If these new individuals are clones of the original testing set, then $K_{xx}=K_{nn}$, $K_{ox}=K_{on}$ and $tr\left(SCov\left({\widehat{u}}_{n1}^{\left(3\right)},y_{x1}\right)\right)=tr\left(SCov\left({\widehat{u}}_{n1}^{\left(3\right)},u_{n1}\right)\right)$. However, if clones are not available, then this equality will not hold.

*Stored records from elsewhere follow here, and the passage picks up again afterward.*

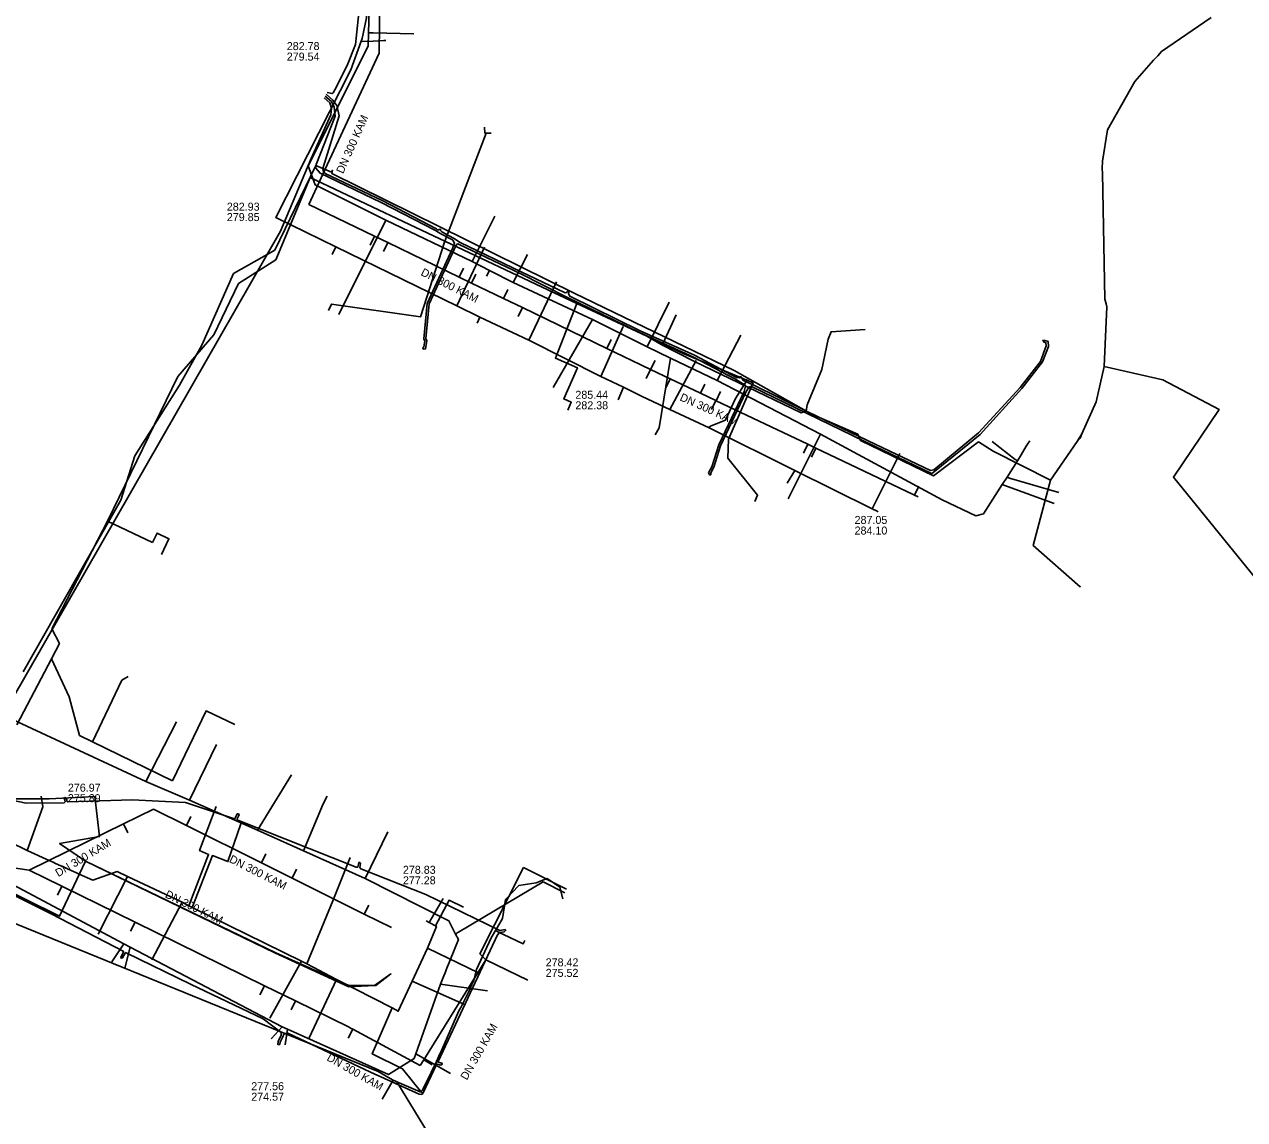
# Model space of a CAD drawing. Extents: x -600309 to -598967, y -1161267 to -1160292.
# Drawn here: x -599921.2 to -599799.2, y -1160753.6 to -1160644.2 of the extents above; entities that cross this region are included whole.
import ezdxf

# ---------------------------------------------------------------- set-up
doc = ezdxf.new("R2010")
doc.units = 0
for name, color, linetype in [('Vrstva 12', 7, 'Continuous'), ('Vrstva 13', 7, 'Continuous'), ('Vrstva 19', 7, 'Continuous'), ('Vrstva 42', 7, 'Continuous'), ('Vrstva 5', 7, 'Continuous'), ('Vrstva 55', 7, 'Continuous'), ('Vrstva 9', 7, 'Continuous')]:
    doc.layers.add(name, color=color, linetype=linetype)

msp = doc.modelspace()

# ---------------------------------------------------------------- linework, layer by layer
at = {"layer": 'Vrstva 12'}
for points in [[(-599875.17, -1160654.44), (-599875.15, -1160655.02), (-599875.03, -1160655.02)], [(-599875.03, -1160655.02), (-599879.14, -1160665.83)], [(-599875.03, -1160655.02), (-599874.53, -1160655.03)], [(-599912.88, -1160693.81), (-599905.85, -1160679.36), (-599902.23, -1160675.17), (-599899.77, -1160670.05), (-599896.05, -1160667.69), (-599892.6, -1160659.46), (-599880.23, -1160665.32)], [(-599880.23, -1160665.32), (-599879.14, -1160665.83)], [(-599890.78, -1160672.75), (-599890.48, -1160672.11), (-599881.58, -1160673.38), (-599879.14, -1160665.83)], [(-599879.14, -1160665.83), (-599868.85, -1160670.69)], [(-599868.85, -1160670.69), (-599865.96, -1160672.05)], [(-599865.96, -1160672.05), (-599868.1, -1160677.51), (-599865.9, -1160678.47), (-599867.26, -1160681.59), (-599866.52, -1160681.92), (-599866.86, -1160682.71)], [(-599865.96, -1160672.05), (-599858.96, -1160675.31)], [(-599857.37, -1160676.07), (-599856.01, -1160673.18)], [(-599837.12, -1160674.65), (-599840.54, -1160674.87), (-599840.84, -1160675.61), (-599841.47, -1160678.65), (-599842.93, -1160682.16), (-599843.04, -1160682.81), (-599843.53, -1160682.99), (-599854.18, -1160677.84), (-599857.51, -1160676.16), (-599858.96, -1160675.31)], [(-599858.96, -1160675.31), (-599857.37, -1160676.07)], [(-599857.37, -1160676.07), (-599855.32, -1160677.06), (-599848.33, -1160679.98), (-599850.79, -1160685.62), (-599850.86, -1160687.52), (-599847.88, -1160691.22), (-599848.17, -1160691.85)], [(-599918.44, -1160704.56), (-599912.88, -1160693.81)], [(-599912.88, -1160693.81), (-599908.36, -1160695.95)], [(-599908.36, -1160695.95), (-599907.91, -1160695), (-599906.73, -1160695.56), (-599907.49, -1160697.14)], [(-599918.46, -1160707.55), (-599917.67, -1160706.04), (-599918.44, -1160704.56)], [(-599921.92, -1160714.16), (-599918.46, -1160707.55)], [(-599918.46, -1160707.55), (-599916.7, -1160711.37), (-599915.67, -1160715.21), (-599914.36, -1160715.85)], [(-599914.36, -1160715.85), (-599911.44, -1160709.71), (-599910.82, -1160709.34)], [(-599906.36, -1160719.75), (-599903.01, -1160712.77), (-599900.13, -1160714.12)], [(-599914.36, -1160715.85), (-599906.36, -1160719.75)], [(-599874.09, -1160734.73), (-599874.02, -1160734.62), (-599873.4, -1160733.52), (-599873.08, -1160731.63), (-599871.75, -1160730.23), (-599870.02, -1160729.96), (-599868.91, -1160729.53), (-599867.67, -1160730.39), (-599867.36, -1160731.55)], [(-599885.82, -1160748.81), (-599923.71, -1160733.38), (-599927.07, -1160740.62)], [(-599876.26, -1160739.7), (-599876, -1160738.62), (-599874.52, -1160735.44), (-599874.09, -1160734.73)], [(-599874.09, -1160734.73), (-599873.65, -1160734.94), (-599873.29, -1160735.11)], [(-599873.29, -1160735.11), (-599871.33, -1160736.06), (-599871.16, -1160735.7)], [(-599881.06, -1160750), (-599879.98, -1160747.8), (-599879.62, -1160746.99), (-599879.46, -1160746.64), (-599877.76, -1160742.76), (-599877.55, -1160742.41), (-599877.13, -1160741.53), (-599876.72, -1160740.76), (-599876.44, -1160740.12), (-599876.26, -1160739.7)], [(-599884.63, -1160749.51), (-599885.82, -1160748.81)], [(-599885.41, -1160751.56), (-599884.31, -1160749.69), (-599884.16, -1160749.75)], [(-599884.31, -1160749.69), (-599884.63, -1160749.51)], [(-599884.16, -1160749.75), (-599883.96, -1160749.84)], [(-599883.96, -1160749.84), (-599881.6, -1160750.84), (-599881.41, -1160750.7), (-599881.06, -1160750)], [(-599877.06, -1160759.02), (-599877.2, -1160759.34), (-599878.56, -1160758.7), (-599883.96, -1160749.84)]]:
    msp.add_lwpolyline(points, dxfattribs=at)
at = {"layer": 'Vrstva 13'}
for p, q in [((-599885.05, -1160663.71), (-599889.76, -1160673.14)), ((-599876.42, -1160667.86), (-599874.16, -1160663.32)), ((-599872.31, -1160669.94), (-599870.9, -1160667.16)), ((-599874.68, -1160668.76), (-599874.98, -1160669.32)), ((-599858.93, -1160676.38), (-599856.72, -1160671.93)), ((-599864.38, -1160673.64), (-599868.32, -1160680.44)), ((-599851.94, -1160679.73), (-599849.56, -1160675.21)), ((-599841.6, -1160685.11), (-599844.82, -1160691.56)), ((-599821.03, -1160686.32), (-599820.9, -1160686.11)), ((-599820.9, -1160686.11), (-599820.68, -1160685.76)), ((-599909.03, -1160719.82), (-599905.97, -1160713.85)), ((-599904.66, -1160721.7), (-599901.96, -1160716.12)), ((-599897.88, -1160724.7), (-599894.49, -1160719.15)), ((-599887.11, -1160729.51), (-599884.86, -1160724.84)), ((-599911.25, -1160736.05), (-599912.44, -1160737.85)), ((-599910.61, -1160736.39), (-599911.15, -1160738.48)), ((-599879.59, -1160740.07), (-599874.9, -1160740.75)), ((-599895.41, -1160744.33), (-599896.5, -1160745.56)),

Given these analytical results for the numerator of the expected correlations, we can estimate the correlation itself by calculating the expected variances of ${\widehat{u}}_{n1}$ and $u_{n1}$ or $y_{n1}$. We do not go through these calculations as they follow directly from the calculations given above.